Shotguns are DEADLY (at least to humans) at close range.


----------



## MortalPlague (Oct 30, 2012)

Good advice, thanks.  Darjr, that sheet is exactly what I had in mind; all the combat rules on two concise pages.  Well, dense pages.  But I digress.

Can't wait to get at it tomorrow.  I'm tracking down some mood music and reference photos.  This should be fun.


----------



## ProtoClone (Oct 30, 2012)

The key to a good game is atmosphere.

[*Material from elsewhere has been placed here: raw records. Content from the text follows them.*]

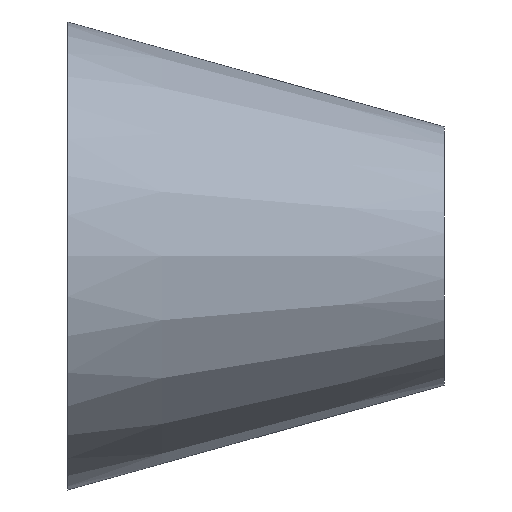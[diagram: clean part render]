
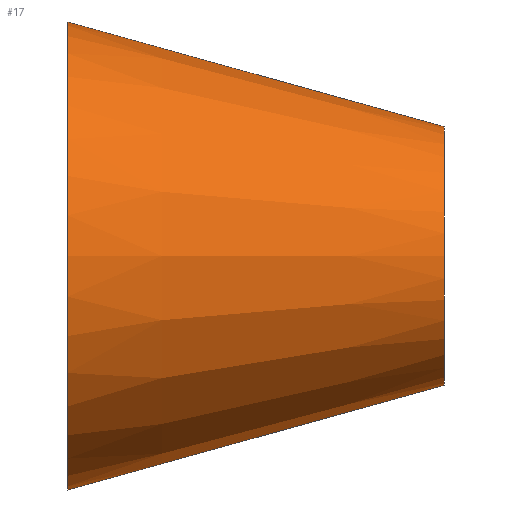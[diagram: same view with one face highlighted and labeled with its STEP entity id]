
A CAD part, front view. The second image highlights one B-rep face of the part: STEP entity #17.
In plain terms, the highlighted conical face has half-angle 15.548 degrees and reference radius 77 mm.
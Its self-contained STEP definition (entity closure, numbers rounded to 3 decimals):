
#17 = ADVANCED_FACE('',(#18),#31,.T.);
#18 = FACE_BOUND('',#19,.T.);
#19 = EDGE_LOOP('',(#20,#54,#74,#101));
#20 = ORIENTED_EDGE('',*,*,#21,.T.);
#21 = EDGE_CURVE('',#22,#22,#24,.T.);
#22 = VERTEX_POINT('',#23);
#23 = CARTESIAN_POINT('',(0.,77.,0.));
#24 = SURFACE_CURVE('',#25,(#30,#42),.PCURVE_S1.);
#25 = CIRCLE('',#26,77.);
#26 = AXIS2_PLACEMENT_3D('',#27,#28,#29);
#27 = CARTESIAN_POINT('',(0.,0.,0.));
#28 = DIRECTION('',(1.,0.,0.));
#29 = DIRECTION('',(0.,1.,0.));
#30 = PCURVE('',#31,#36);
#31 = CONICAL_SURFACE('',#32,77.,0.271);
#32 = AXIS2_PLACEMENT_3D('',#33,#34,#35);
#33 = CARTESIAN_POINT('',(0.,0.,0.));
#34 = DIRECTION('',(-1.,-0.,-0.));
#35 = DIRECTION('',(0.,1.,0.));
#36 = DEFINITIONAL_REPRESENTATION('',(#37),#41);
#37 = LINE('',#38,#39);
#38 = CARTESIAN_POINT('',(-0.,-0.));
#39 = VECTOR('',#40,1.);
#40 = DIRECTION('',(-1.,-0.));
#41 = ( GEOMETRIC_REPRESENTATION_CONTEXT(2) 
PARAMETRIC_REPRESENTATION_CONTEXT() REPRESENTATION_CONTEXT('2D SPACE',''
  ) );
#42 = PCURVE('',#43,#48);
#43 = PLANE('',#44);
#44 = AXIS2_PLACEMENT_3D('',#45,#46,#47);
#45 = CARTESIAN_POINT('',(0.,0.,0.));
#46 = DIRECTION('',(1.,0.,0.));
#47 = DIRECTION('',(0.,1.,0.));
#48 = DEFINITIONAL_REPRESENTATION('',(#49),#53);
#49 = CIRCLE('',#50,77.);
#50 = AXIS2_PLACEMENT_2D('',#51,#52);
#51 = CARTESIAN_POINT('',(0.,0.));
#52 = DIRECTION('',(1.,0.));
#53 = ( GEOMETRIC_REPRESENTATION_CONTEXT(2) 
PARAMETRIC_REPRESENTATION_CONTEXT() REPRESENTATION_CONTEXT('2D SPACE',''
  ) );
#54 = ORIENTED_EDGE('',*,*,#55,.T.);
#55 = EDGE_CURVE('',#22,#56,#58,.T.);
#56 = VERTEX_POINT('',#57);
#57 = CARTESIAN_POINT('',(124.,42.5,0.));
#58 = SEAM_CURVE('',#59,(#62,#68),.PCURVE_S1.);
#59 = B_SPLINE_CURVE_WITH_KNOTS('',1,(#60,#61),.UNSPECIFIED.,.F.,.F.,(2,
    2),(0.,1.),.PIECEWISE_BEZIER_KNOTS.);
#60 = CARTESIAN_POINT('',(0.,77.,0.));
#61 = CARTESIAN_POINT('',(124.,42.5,0.));
#62 = PCURVE('',#31,#63);
#63 = DEFINITIONAL_REPRESENTATION('',(#64),#67);
#64 = B_SPLINE_CURVE_WITH_KNOTS('',1,(#65,#66),.UNSPECIFIED.,.F.,.F.,(2,
    2),(0.,1.),.PIECEWISE_BEZIER_KNOTS.);
#65 = CARTESIAN_POINT('',(-6.283,0.));
#66 = CARTESIAN_POINT('',(-6.283,-124.));
#67 = ( GEOMETRIC_REPRESENTATION_CONTEXT(2) 
PARAMETRIC_REPRESENTATION_CONTEXT() REPRESENTATION_CONTEXT('2D SPACE',''
  ) );
#68 = PCURVE('',#31,#69);
#69 = DEFINITIONAL_REPRESENTATION('',(#70),#73);
#70 = B_SPLINE_CURVE_WITH_KNOTS('',1,(#71,#72),.UNSPECIFIED.,.F.,.F.,(2,
    2),(0.,1.),.PIECEWISE_BEZIER_KNOTS.);
#71 = CARTESIAN_POINT('',(0.,0.));
#72 = CARTESIAN_POINT('',(0.,-124.));
#73 = ( GEOMETRIC_REPRESENTATION_CONTEXT(2) 
PARAMETRIC_REPRESENTATION_CONTEXT() REPRESENTATION_CONTEXT('2D SPACE',''
  ) );
#74 = ORIENTED_EDGE('',*,*,#75,.F.);
#75 = EDGE_CURVE('',#56,#56,#76,.T.);
#76 = SURFACE_CURVE('',#77,(#82,#89),.PCURVE_S1.);
#77 = CIRCLE('',#78,42.5);
#78 = AXIS2_PLACEMENT_3D('',#79,#80,#81);
#79 = CARTESIAN_POINT('',(124.,0.,0.));
#80 = DIRECTION('',(1.,0.,0.));
#81 = DIRECTION('',(0.,1.,0.));
#82 = PCURVE('',#31,#83);
#83 = DEFINITIONAL_REPRESENTATION('',(#84),#88);
#84 = LINE('',#85,#86);
#85 = CARTESIAN_POINT('',(-0.,-124.));
#86 = VECTOR('',#87,1.);
#87 = DIRECTION('',(-1.,-0.));
#88 = ( GEOMETRIC_REPRESENTATION_CONTEXT(2) 
PARAMETRIC_REPRESENTATION_CONTEXT() REPRESENTATION_CONTEXT('2D SPACE',''
  ) );
#89 = PCURVE('',#90,#95);
#90 = PLANE('',#91);
#91 = AXIS2_PLACEMENT_3D('',#92,#93,#94);
#92 = CARTESIAN_POINT('',(124.,0.,0.));
#93 = DIRECTION('',(1.,0.,0.));
#94 = DIRECTION('',(0.,1.,0.));
#95 = DEFINITIONAL_REPRESENTATION('',(#96),#100);
#96 = CIRCLE('',#97,42.5);
#97 = AXIS2_PLACEMENT_2D('',#98,#99);
#98 = CARTESIAN_POINT('',(0.,0.));
#99 = DIRECTION('',(1.,0.));
#100 = ( GEOMETRIC_REPRESENTATION_CONTEXT(2) 
PARAMETRIC_REPRESENTATION_CONTEXT() REPRESENTATION_CONTEXT('2D SPACE',''
  ) );
#101 = ORIENTED_EDGE('',*,*,#55,.F.);

The people over at yog-sothoth.com are great for advice.
Some advice for you and your players:
If you have a gun, remember to save a bullet for yourself.
Have the players create several investigators and have them on stand-by for when one dies the next one jumps right in, with a reasonable story.
Be prepared for every possible thing your players can do; don't be surprised when they don't do any of them.
Handouts are your friend.
Don't worry if they spend lots of time, maybe even a session, going over notes and clues, that's part of the game too.

There is a lot that goes in to running a game for a Keeper. So make time to prepare notes and handouts for the players. Also be prepared that even though you felt like all options were laid out for them, they will find some way to come up with a new one.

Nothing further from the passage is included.